Stories of coastal drowning from five places in Australia appear (see Table 4.1) to date from more than 9,000 years ago, and perhaps over 13,000 years ago. Of these five, the most compelling are likely to be those from Spencer Gulf (9,330–12,460 years ago) and Kangaroo Island (10,080–10,950 years ago). Elsewhere in the world, drowning stories of similar antiquity may be preserved for Baie de Douarnenez in France (perhaps 8,750–10,650 years ago) and Cardigan Bay in Wales (perhaps 9,000–10,250 years ago). There are many other drowning stories dating from more than 6,000 years ago.

Then there are other types of story, including the Australian Aboriginal memories of the Tyrendarra lava flow from Mt Eccles (more than 10,500 years ago) and the formation of the maar volcano at modern Lake Eacham (9,130 years ago), the explosive eruption and caldera formation at Mt Mazama in the western United States (7,600 years ago), and perhaps even the landslide-damming of the Citarum River at Tangkuban Perahu in Indonesia (16,000 years ago?).

Together, these data imply that human memories can remain alive for many millennia. Others, as yet undocumented, perhaps exist. We should consider the possibility.

As a final point in this book, consider that if the edge of our memories today lies 10 millennia or so in the past, what of people who lived earlier than this, in those times beyond the edge of memory?

Our species, modern humans, has been in existence for almost 200,000 years. For much of this time, oral communication has been the main form of knowledge transmission between individuals. But what happened to knowledge that was more than 10,000 years old, which slipped into the abyss over the edge of memory? It became forgotten – just as today much of our ancestors’ knowledge has been forgotten. Was that forgotten knowledge important? Did things have to be rediscovered or reinvented because of that knowledge loss? Absolutely.

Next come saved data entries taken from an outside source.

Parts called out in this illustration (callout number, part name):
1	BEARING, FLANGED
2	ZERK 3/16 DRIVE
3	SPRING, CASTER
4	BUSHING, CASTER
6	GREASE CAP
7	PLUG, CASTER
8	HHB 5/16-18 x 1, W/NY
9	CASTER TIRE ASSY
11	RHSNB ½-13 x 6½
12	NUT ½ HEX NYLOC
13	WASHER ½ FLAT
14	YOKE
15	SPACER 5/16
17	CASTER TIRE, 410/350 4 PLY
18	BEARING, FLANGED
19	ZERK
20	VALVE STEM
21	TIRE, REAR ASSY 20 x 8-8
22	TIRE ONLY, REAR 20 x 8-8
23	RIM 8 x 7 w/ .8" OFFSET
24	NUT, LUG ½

In our species’ history, there are many examples of innovations that did not endure, ideas that probably made life easier for a time but did not last. One of the most obvious refers to the ability of humans to cross water gaps too large to swim. Consider the first people to arrive in Australia, who had to negotiate ocean gaps as much as 70km (43 miles) wide. Obviously they used boats or rafts that were able to make the crossing, a sufficiency involving not only boat-building technology but also maritime and navigational skills. Yet 65,000 years or so after they reached Australia, their descendants had no such skills, and were hardly able to sail far from shore in most cases.6 What happened? Was it simply a case of no longer needing an ability to travel long distances across the ocean, or was it that people just lost the knowledge of how to do so?

It seems that the history of our species has been marked by an alternation between knowledge acquisition and knowledge loss through gradual memory attenuation. It is probable that in societies that had to cope with especially harsh environments, like those of the Aboriginal Australians, optimally effective techniques for intergenerational knowledge transmission were evolved. Today we look at those societies in awe, as examples of how it might once have been for all of us.